We live in a noun hell where every technical topic has a high barrier to entry that makes it hard to casually learn anything. It's difficult to be even a traditional generalist in this ecosystem, and yet the market treats people as if the only way to be considered valuable is to be a super generalist (depth + breadth).


Acronyms are the worst.

I guess people do it to sound cool or something, but I once maintained a legacy project that had an acronym for a name. Not a single person working at the entire company knew what the acronym originally meant, and of course, it was never documented.


Acronyms are no different from words, in this regard. How many people remember/know why your storage is called a drive? A computer used to be a person. Why is the company Stripe named that?

Then there are backronyms and names that used to be acronyms, but technically aren't anymore.


Analyst firms (ie Gartner) are a big driver of this too. Couple that with the start up / VC model which needs to create new 'categories' to demonstrate differentiation, and you have a total mess.


I work for a vendor that sells a CNAPP. I've worked with this product before and it's been around for several years.

Until last week, I had never heard or read the term CNAPP.

"CNAPP is a term first coined by Gartner in 2021 to describe an all-in-one platform that unifies security and compliance capabilities to prevent, detect, and respond to cloud security threats. A CNAPP integrates multiple cloud security solutions that have been traditionally siloed in a single user interface, making it easier for organizations to protect their entire cloud application footprint."

Thanks, Gartner. What a racket they have as a self-ordained arbiter of market segments.


15 years ago some interns where I now work created a spreadsheet and named it an acronym of their first names. That project has since developed into a fairly important system with a front end and database. They kept the name the same, of course.


A long time ago I worked on a defense program called "XMS 3000", hilariously, it was explained to me that this literally did not mean anything. They needed a name and somebody came up with this to sound cool.

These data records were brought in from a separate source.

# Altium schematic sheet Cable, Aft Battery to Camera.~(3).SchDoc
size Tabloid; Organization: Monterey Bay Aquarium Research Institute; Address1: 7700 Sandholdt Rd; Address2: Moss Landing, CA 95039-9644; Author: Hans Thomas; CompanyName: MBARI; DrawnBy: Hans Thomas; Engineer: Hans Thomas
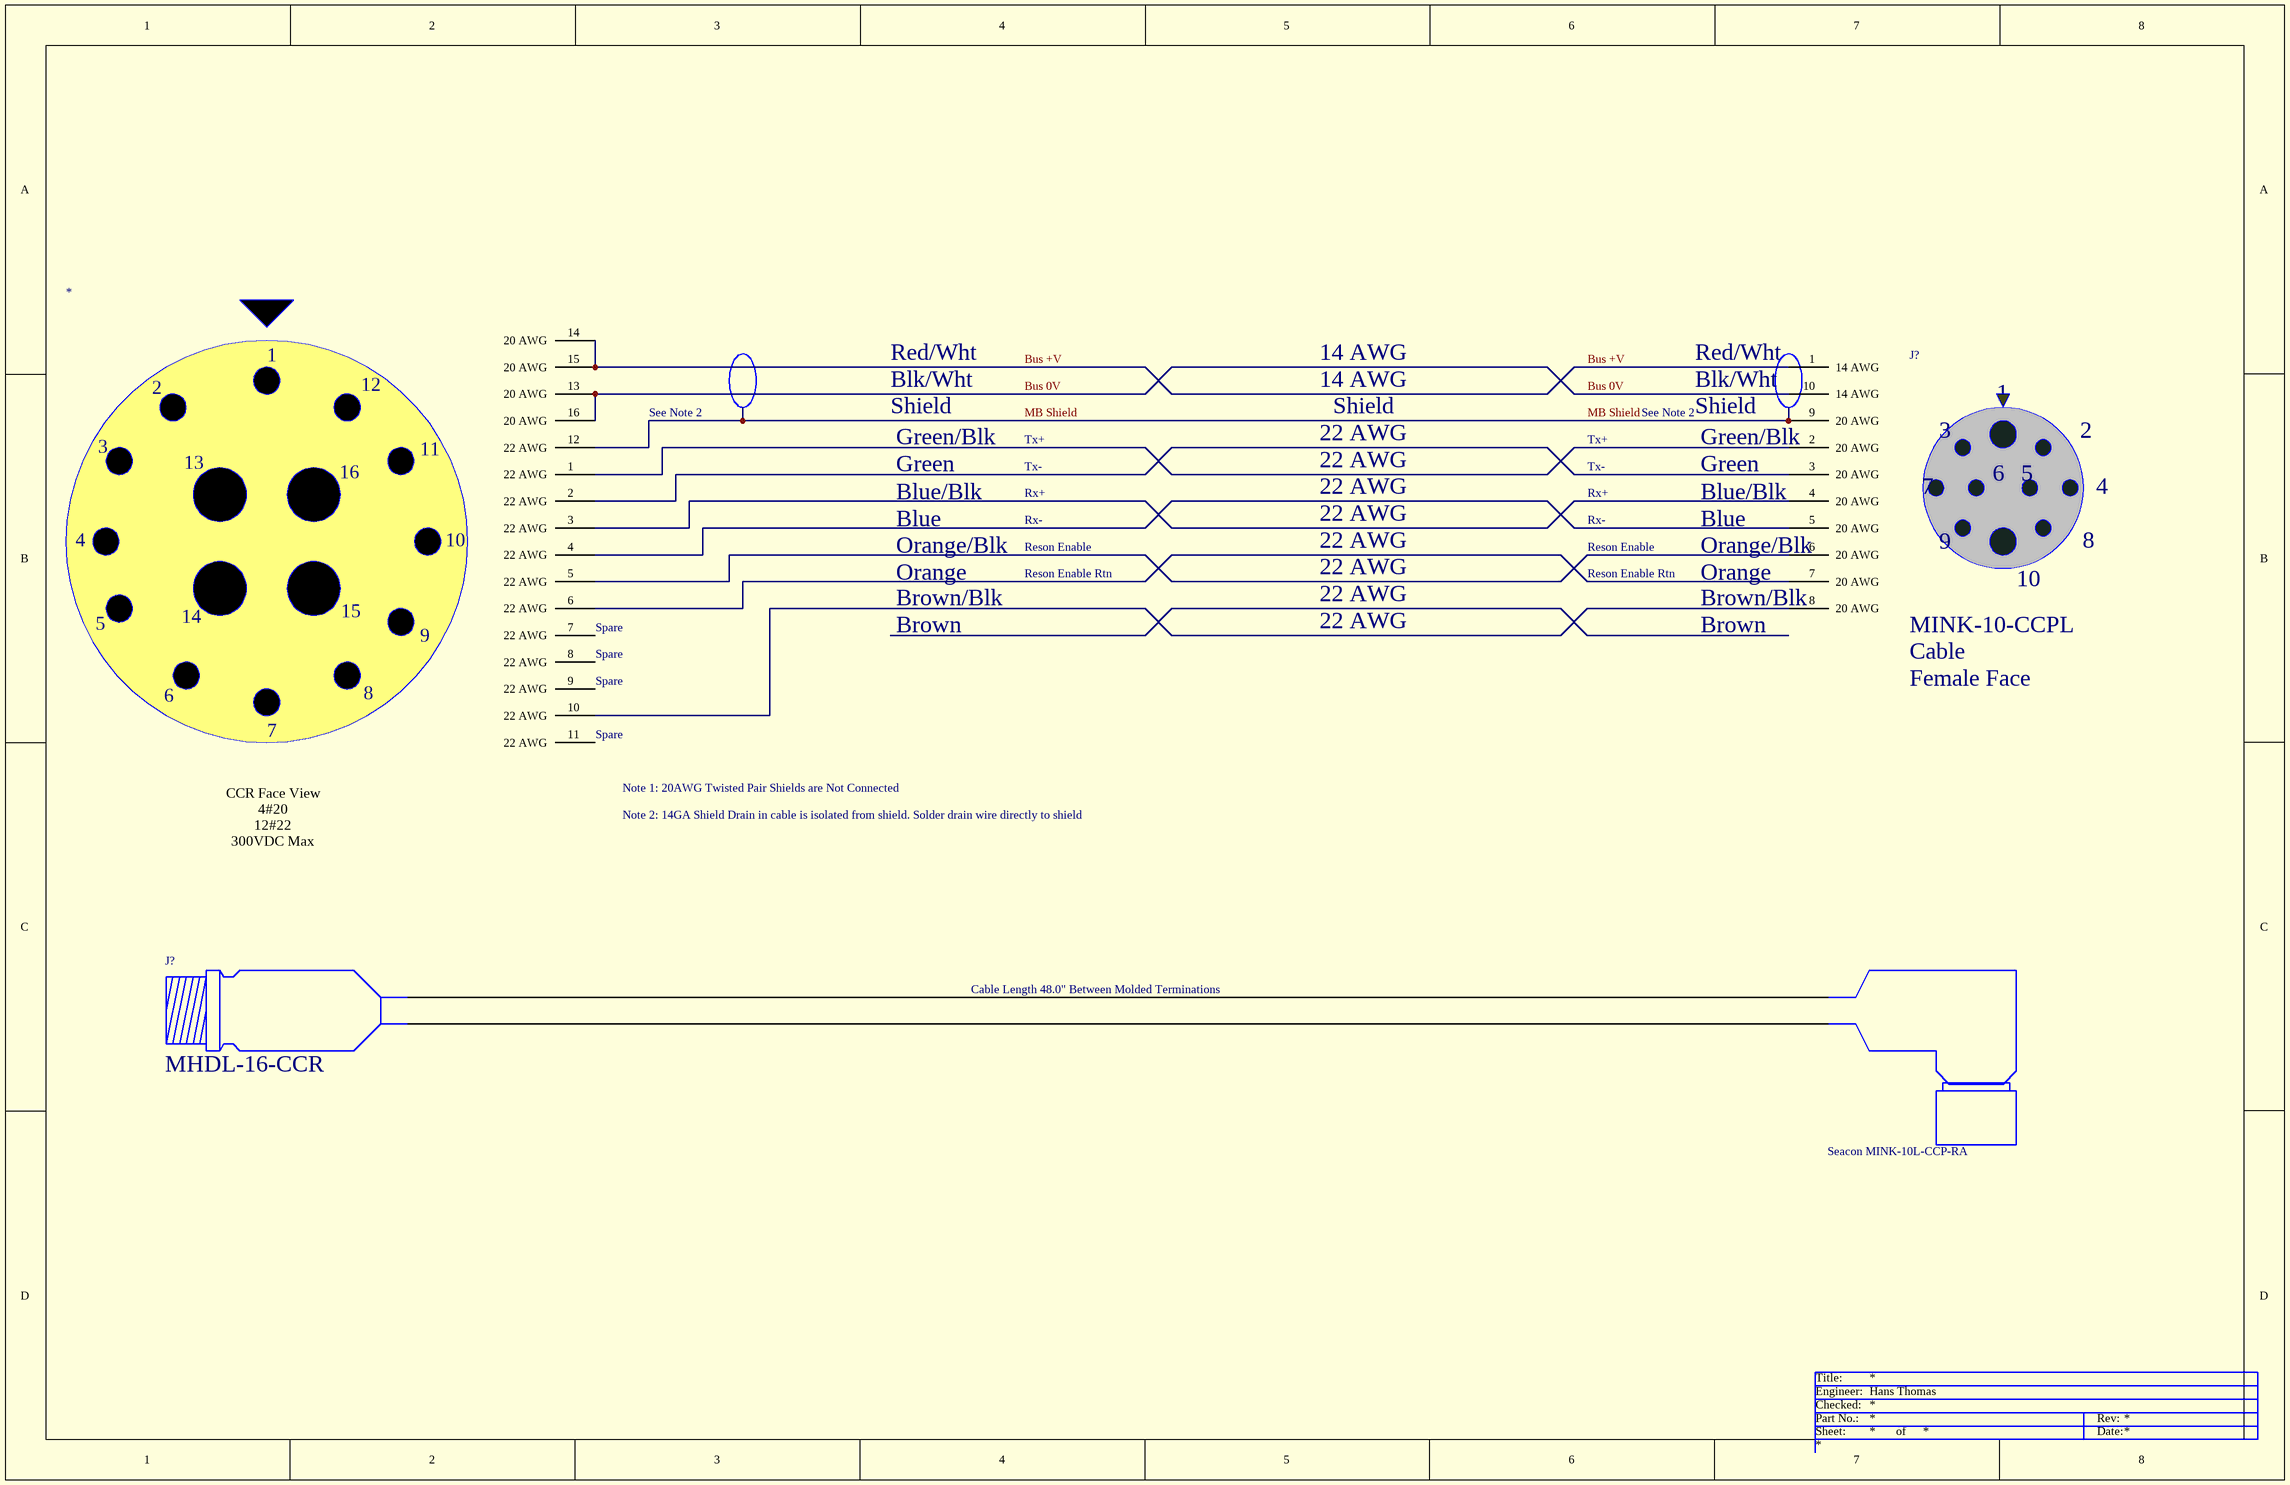
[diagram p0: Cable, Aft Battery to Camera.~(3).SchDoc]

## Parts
(Parts that share a designator on the sheet are numbered #1, #2 ... from top to bottom, then left to right.)
*#1  MHDL-16-CCR-SOLDER  (value not drawn)
*#2  Seacon MINK-10L-CCP-RA
J?#1  MINK-10-CCPL  DescSheet: Cable  View: Female Face
J?#2  MHDL-16-CCR

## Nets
Bus 0V: *#1.13(20_AWG) *#1.16(20_AWG) J?#1.10(14_AWG)
Bus +V: *#1.14(20_AWG) *#1.15(20_AWG) J?#1.1(14_AWG)
MB Shield: *#1.12(22_AWG) J?#1.9(20_AWG)
Net*#1_1: *#1.1(22_AWG) J?#1.2(20_AWG)
Net*#1_2: *#1.2(22_AWG) J?#1.3(20_AWG)
Net*#1_3: *#1.3(22_AWG) J?#1.4(20_AWG)
Net*#1_4: *#1.4(22_AWG) J?#1.5(20_AWG)
Net*#1_5: *#1.5(22_AWG) J?#1.6(20_AWG)
Net*#1_6: *#1.6(22_AWG) J?#1.7(20_AWG)
Net*#1_10: *#1.10(22_AWG) J?#1.8(20_AWG)

Not connected (* = marked no-connect by the designer): *#1 7(22_AWG) 8(22_AWG) 9(22_AWG) 11(22_AWG)

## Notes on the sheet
- Red/Wht
- 14 AWG
- (near J?#1) Red/Wht
- See Note 2
- Blk/Wht
- Shield
- (near J?#1) Blk/Wht
- Green
- Blue/Blk
- Green/Blk
- Tx+
- Tx-
- Rx+
- 22 AWG
- (near J?#1) Blue/Blk
- (near J?#1) Green/Blk
- Blue
- Orange/Blk
- Rx-
- Reson Enable
- (near J?#1) Orange/Blk
- (near *#1) Spare
- Brown/Blk
- Orange
- Brown
- Reson Enable Rtn
- (near J?#1) Brown/Blk
- Note 1: 20AWG Twisted Pair Shields are Not Connected
- Note 2: 14GA Shield Drain in cable is isolated from shield. Solder drain wire directly to shield
- Cable Length 48.0" Between Molded Terminations

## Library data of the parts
*#2 = CONN-MIN-CCP-RA-LARGE
J?#1 = SEACON-MINK-10-CCP-SOC: Seacon MINK-10/L-CCP Connector
J?#2 = CONN-MIN-CCR-LARGE: Seacon MIN Connector CCR

You don't need to know the acronyms to understand the article. Use context clues to infer that the author's point is "traditional tools don't solve the problem I am about to present". They even expand the acronyms later in the article.

Besides, most such acronyms for classes of security tools don't actually mean much. They just represent the current flavor of the week in the security arms race.


> They even expand the acronyms later in the article.

That's the OPPOSITE of how you're supposed to use acronyms. If you're going to spell it out anyway, why not do it the first time you talk about it like you're supposed to?


There is a middle ground, if the author cares enough: the `<abbr>`[1] and `<acronym>`[2] markup tags were designed to solve those problems in an unobtrusive way. It makes folks unfamiliar able to hover-over (or long-press, I believe) the dotted underlined terms to know, and stays out of the way for those who already know them

1: https://developer.mozilla.org/en-US/docs/Web/HTML/Element/ab...

2: (evidently deprecated but still parsed) https://developer.mozilla.org/en-US/docs/Web/HTML/Element/ac...


FWIW I’ve worked extensively in AWS IAM for over a decade and have never heard of half the acronyms in the article. Don’t be intimidated.


Crap, I didn't know these acronyms before either and now I've turned into a Gartner shill :sob:


My condolences.


This website is marketing nonsense. I need to understand the technical underpinnings of it. Why does this help me?


If you don't see how it helps you, you probably don't need it. Either because it's not a problem you have or deal with, or because the site doesn't flag up anything with you.


While there's merit to that idea, we don't want to discourage people learning, do we?

Ideally we'd learn about other people's problems BEFORE they become our problems so we're prepared to deal with them. Or we can just want to expand our realm of knowledge.


Managing IAM is a pain in the ass on AWS. I can’t speak to how much this product actually helps with that, but I would assume that that’s the problem they’re trying to solve.